## To do
The records below are to be reproduced exactly, with every picture left out.

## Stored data
+ + + + + + +
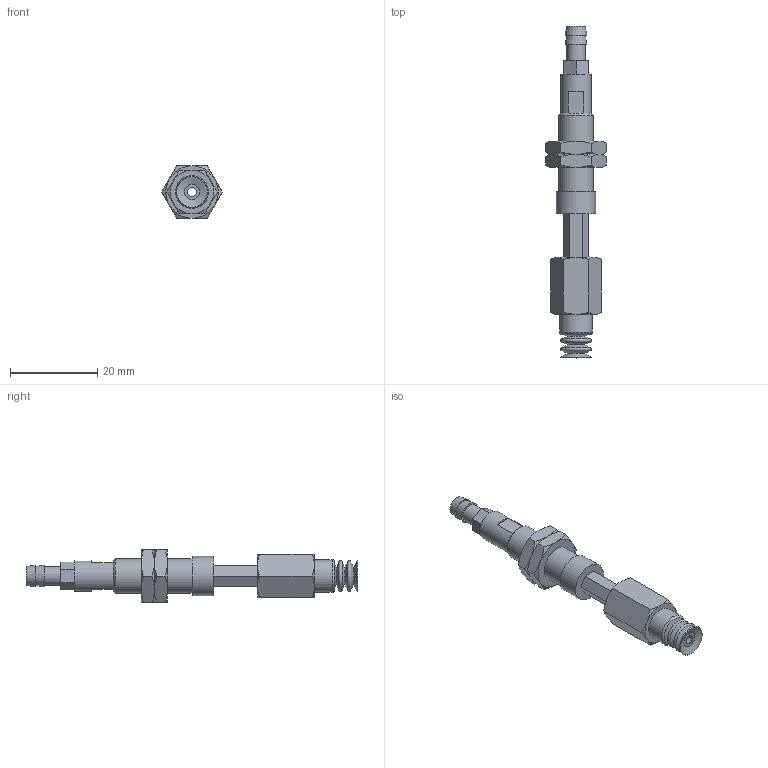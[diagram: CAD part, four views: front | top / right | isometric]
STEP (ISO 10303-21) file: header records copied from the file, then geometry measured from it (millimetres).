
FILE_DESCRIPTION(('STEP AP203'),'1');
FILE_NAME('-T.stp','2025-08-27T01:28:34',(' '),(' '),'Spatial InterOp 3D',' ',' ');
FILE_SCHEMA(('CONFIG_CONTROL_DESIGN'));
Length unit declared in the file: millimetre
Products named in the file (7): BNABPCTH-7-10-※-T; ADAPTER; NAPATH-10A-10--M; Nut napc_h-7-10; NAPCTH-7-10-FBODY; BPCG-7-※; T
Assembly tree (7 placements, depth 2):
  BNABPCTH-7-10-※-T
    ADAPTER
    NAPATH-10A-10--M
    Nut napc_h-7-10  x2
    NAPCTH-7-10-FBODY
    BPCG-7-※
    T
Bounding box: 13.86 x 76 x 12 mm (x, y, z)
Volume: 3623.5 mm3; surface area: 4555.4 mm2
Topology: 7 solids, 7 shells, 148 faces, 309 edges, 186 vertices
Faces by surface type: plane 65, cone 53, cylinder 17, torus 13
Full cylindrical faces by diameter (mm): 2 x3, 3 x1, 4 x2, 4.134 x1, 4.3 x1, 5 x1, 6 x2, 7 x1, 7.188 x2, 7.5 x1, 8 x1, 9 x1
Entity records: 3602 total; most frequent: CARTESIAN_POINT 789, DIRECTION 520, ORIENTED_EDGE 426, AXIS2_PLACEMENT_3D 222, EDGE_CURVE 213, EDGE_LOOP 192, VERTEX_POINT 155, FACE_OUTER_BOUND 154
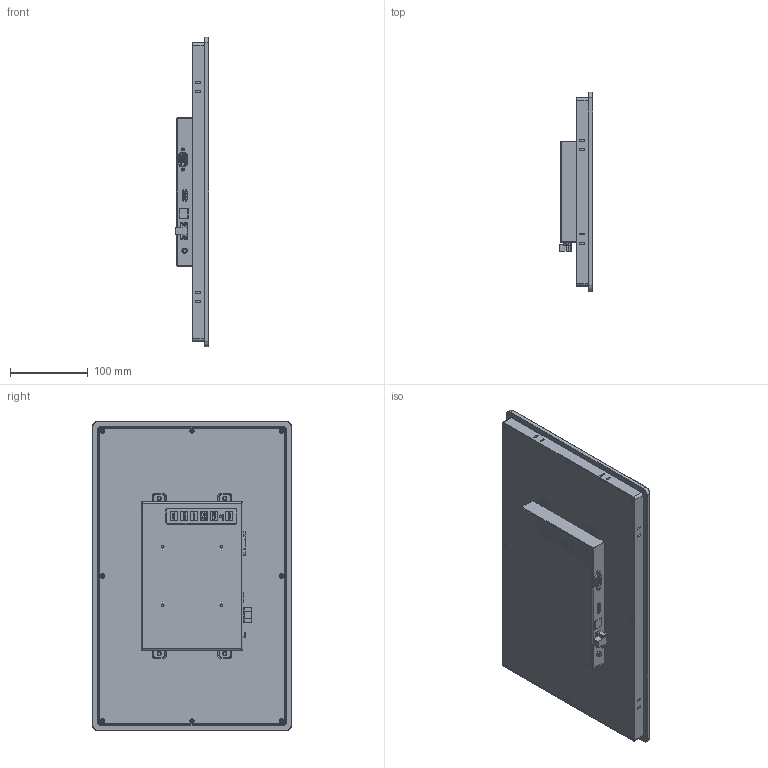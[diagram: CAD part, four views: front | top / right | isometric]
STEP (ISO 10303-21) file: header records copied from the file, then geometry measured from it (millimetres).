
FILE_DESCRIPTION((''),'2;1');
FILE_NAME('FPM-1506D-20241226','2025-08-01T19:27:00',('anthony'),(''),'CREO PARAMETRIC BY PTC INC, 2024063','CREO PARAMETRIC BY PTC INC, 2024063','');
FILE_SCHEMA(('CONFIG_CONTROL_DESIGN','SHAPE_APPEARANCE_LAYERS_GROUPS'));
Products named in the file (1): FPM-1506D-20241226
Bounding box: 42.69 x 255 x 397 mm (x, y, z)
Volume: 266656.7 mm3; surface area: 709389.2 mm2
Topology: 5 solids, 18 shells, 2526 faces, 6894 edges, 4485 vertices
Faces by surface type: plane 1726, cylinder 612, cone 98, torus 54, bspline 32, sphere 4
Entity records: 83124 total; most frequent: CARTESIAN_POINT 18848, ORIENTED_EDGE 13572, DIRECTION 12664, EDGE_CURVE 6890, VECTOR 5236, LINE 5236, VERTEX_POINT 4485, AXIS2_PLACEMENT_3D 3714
+ + + + + + +
## Response to this exercise
[diagram: CAD part, four views: front | top / right | isometric]
STEP (ISO 10303-21) file: header records copied from the file, then geometry measured from it (millimetres).
FILE_DESCRIPTION(('STEP AP203'),'1');
FILE_NAME('-T.stp','2025-08-27T01:28:34',(' '),(' '),'Spatial InterOp 3D',' ',' ');
FILE_SCHEMA(('CONFIG_CONTROL_DESIGN'));
Length unit declared in the file: millimetre
Products named in the file (7): BNABPCTH-7-10-※-T; ADAPTER; NAPATH-10A-10--M; Nut napc_h-7-10; NAPCTH-7-10-FBODY; BPCG-7-※; T
Assembly tree (7 placements, depth 2):
  BNABPCTH-7-10-※-T
    ADAPTER
    NAPATH-10A-10--M
    Nut napc_h-7-10  x2
    NAPCTH-7-10-FBODY
    BPCG-7-※
    T
Bounding box: 13.86 x 76 x 12 mm (x, y, z)
Volume: 3623.5 mm3; surface area: 4555.4 mm2
Topology: 7 solids, 7 shells, 148 faces, 309 edges, 186 vertices
Faces by surface type: plane 65, cone 53, cylinder 17, torus 13
Full cylindrical faces by diameter (mm): 2 x3, 3 x1, 4 x2, 4.134 x1, 4.3 x1, 5 x1, 6 x2, 7 x1, 7.188 x2, 7.5 x1, 8 x1, 9 x1
Entity records: 3602 total; most frequent: CARTESIAN_POINT 789, DIRECTION 520, ORIENTED_EDGE 426, AXIS2_PLACEMENT_3D 222, EDGE_CURVE 213, EDGE_LOOP 192, VERTEX_POINT 155, FACE_OUTER_BOUND 154
[diagram: CAD part, four views: front | top / right | isometric]
STEP (ISO 10303-21) file: header records copied from the file, then geometry measured from it (millimetres).
FILE_DESCRIPTION((''),'2;1');
FILE_NAME('FPM-1506D-20241226','2025-08-01T19:27:00',('anthony'),(''),'CREO PARAMETRIC BY PTC INC, 2024063','CREO PARAMETRIC BY PTC INC, 2024063','');
FILE_SCHEMA(('CONFIG_CONTROL_DESIGN','SHAPE_APPEARANCE_LAYERS_GROUPS'));
Products named in the file (1): FPM-1506D-20241226
Bounding box: 42.69 x 255 x 397 mm (x, y, z)
Volume: 266656.7 mm3; surface area: 709389.2 mm2
Topology: 5 solids, 18 shells, 2526 faces, 6894 edges, 4485 vertices
Faces by surface type: plane 1726, cylinder 612, cone 98, torus 54, bspline 32, sphere 4
Entity records: 83124 total; most frequent: CARTESIAN_POINT 18848, ORIENTED_EDGE 13572, DIRECTION 12664, EDGE_CURVE 6890, VECTOR 5236, LINE 5236, VERTEX_POINT 4485, AXIS2_PLACEMENT_3D 3714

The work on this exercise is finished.